[Items from a data source]

=== Section Start ===

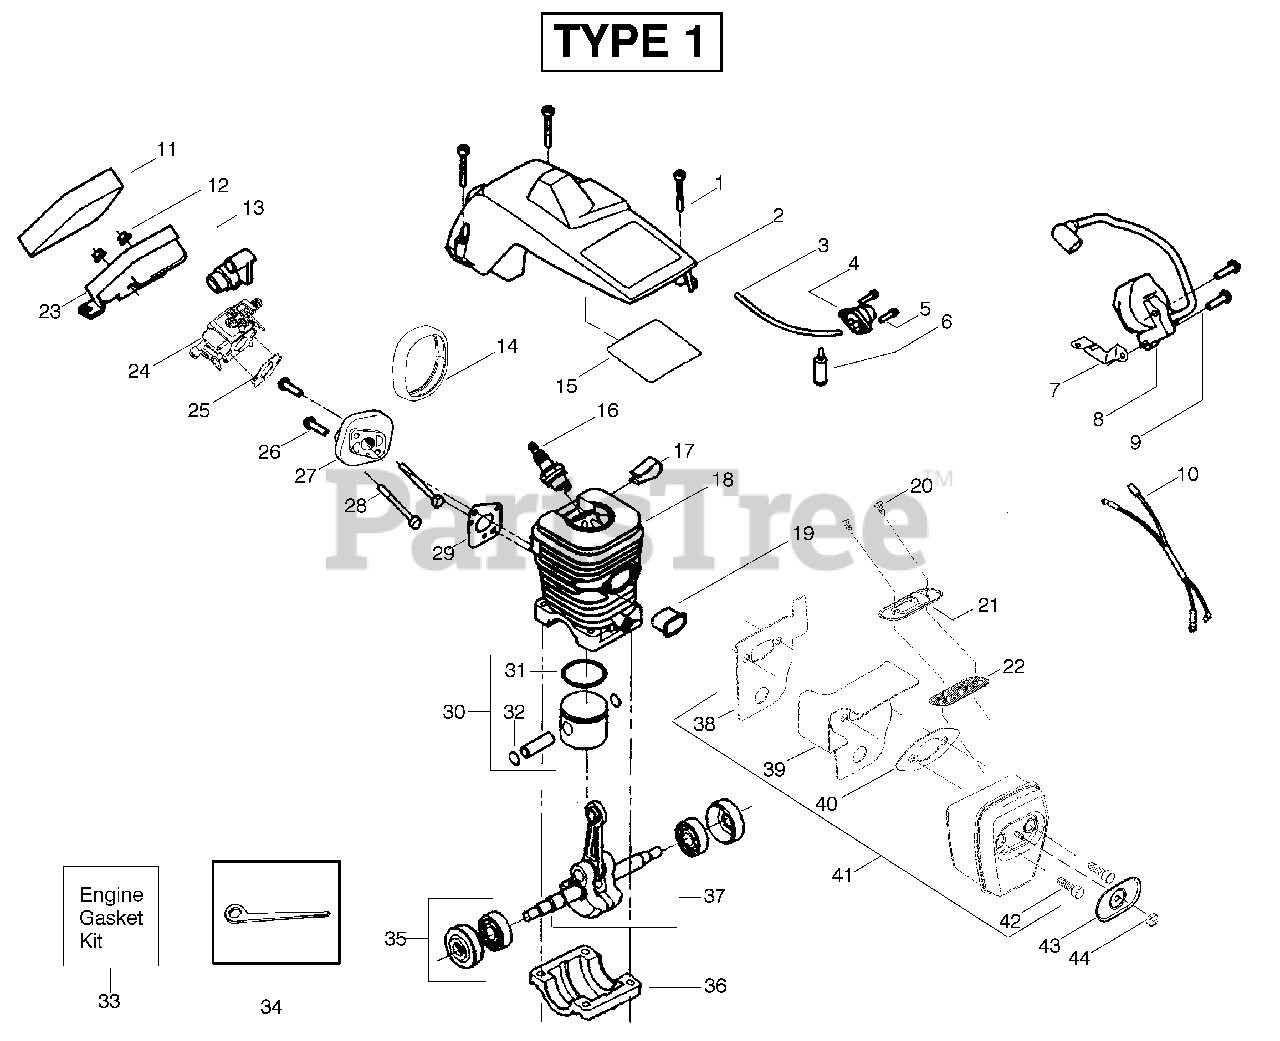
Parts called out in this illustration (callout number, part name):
2	Assy-Cylinder Shield
3	Kit-Fuel Line
4	Assy- Air Purge
6	Assy-Fuel Pick-up
7	Strap-Ground
8	Ignition Module
10	Assy-Wire Harness
11	Foam- Air Filter
13	Grommet-Carb Adjust
14	Seal-Carb Adapter
15	Reflector-Heat
16	Spark Plug
17	Clip-High Tension Lead
18	Cylinder
19	Insulator-Heat
20	Screw-Outlet cover
21	Cover - Outlet
22	Kit-Spark Arrestor
23	Air Filter Housing
24	Kit-Carburetor (Wt-600)
24	Kit-Carburetor (W14A)
25	Gasket-Carb.
27	Carb. Adapter
29	Gasket-Carb Adap.
30	Kit-Piston
31	Ring-Piston
32	Retainer-Piston Pin
33	Kit-Engine Gasket
34	Bar Wrench
35	Assy-Seal & Bearing
36	Cap-Crankcase
37	Assy-Crankshaft
38	Backplate
39	Guide-Outlet
40	Gasket-Muffler
41	Assy-Muffler
42	Bolt-Muffler
43	Cover-Bolt
44	Nut-Brass
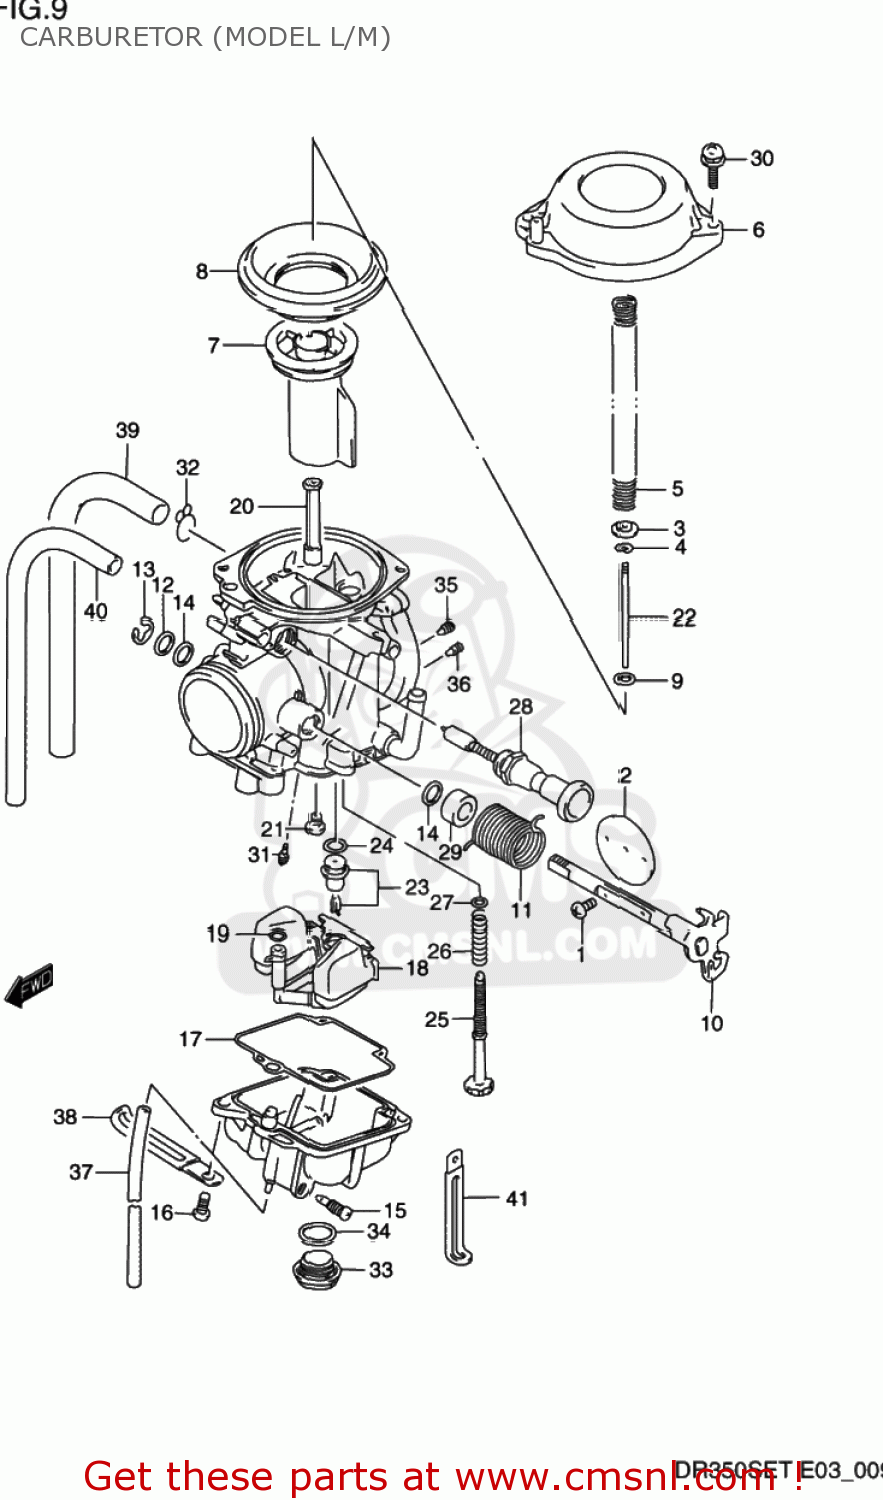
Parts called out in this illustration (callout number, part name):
1	SCREW
2	VALVE,THROTTLE (115)
3	RING
4	E RING
5	SPRING
6	COVER,DIAPHRAGM
7	VALVE PISTON
8	DIAPHRAGM
9	RING
10	SHAFT ASSEMBLY
11	SPRING
12	GASKET,THROTTLE SHAFT (NAS)
13	E RING
14	SEAL
15	PLUG,DRAIN
16	SCREW
17	GASKET,FLOAT CHAMBER (NAS)
18	FLOAT ASSY
19	O RING
20	JET,NEEDLE (O-6)
21	JET,MAIN(135)
22	NEEDLE,JET
23	VALVE ASSEMBLY,NEEDLE
24	O-RING,NEEDLE VALVE
25	SCREW,ADJUSTER
26	SPRING
27	WASHER
28	PLUNGER ASSY
29	RING
30	SCREW
31	JET,PILOT(37.5)
32	CLIP
33	SCREW,GUIDE
34	O RING,DRAIN PLUG
35	JET,AIR(1.3)
36	JET,AIR(0.6)
37	HOSE
38	CLIP
39	HOSE
40	HOSE
41	CLAMP L:35

=== Section End ===

- WHAT TO DO
Each line in which the string "VALVE" is found must be copied from the data.

- RESULT OF THIS EXERCISE
2	VALVE,THROTTLE (115)
7	VALVE PISTON
23	VALVE ASSEMBLY,NEEDLE
24	O-RING,NEEDLE VALVE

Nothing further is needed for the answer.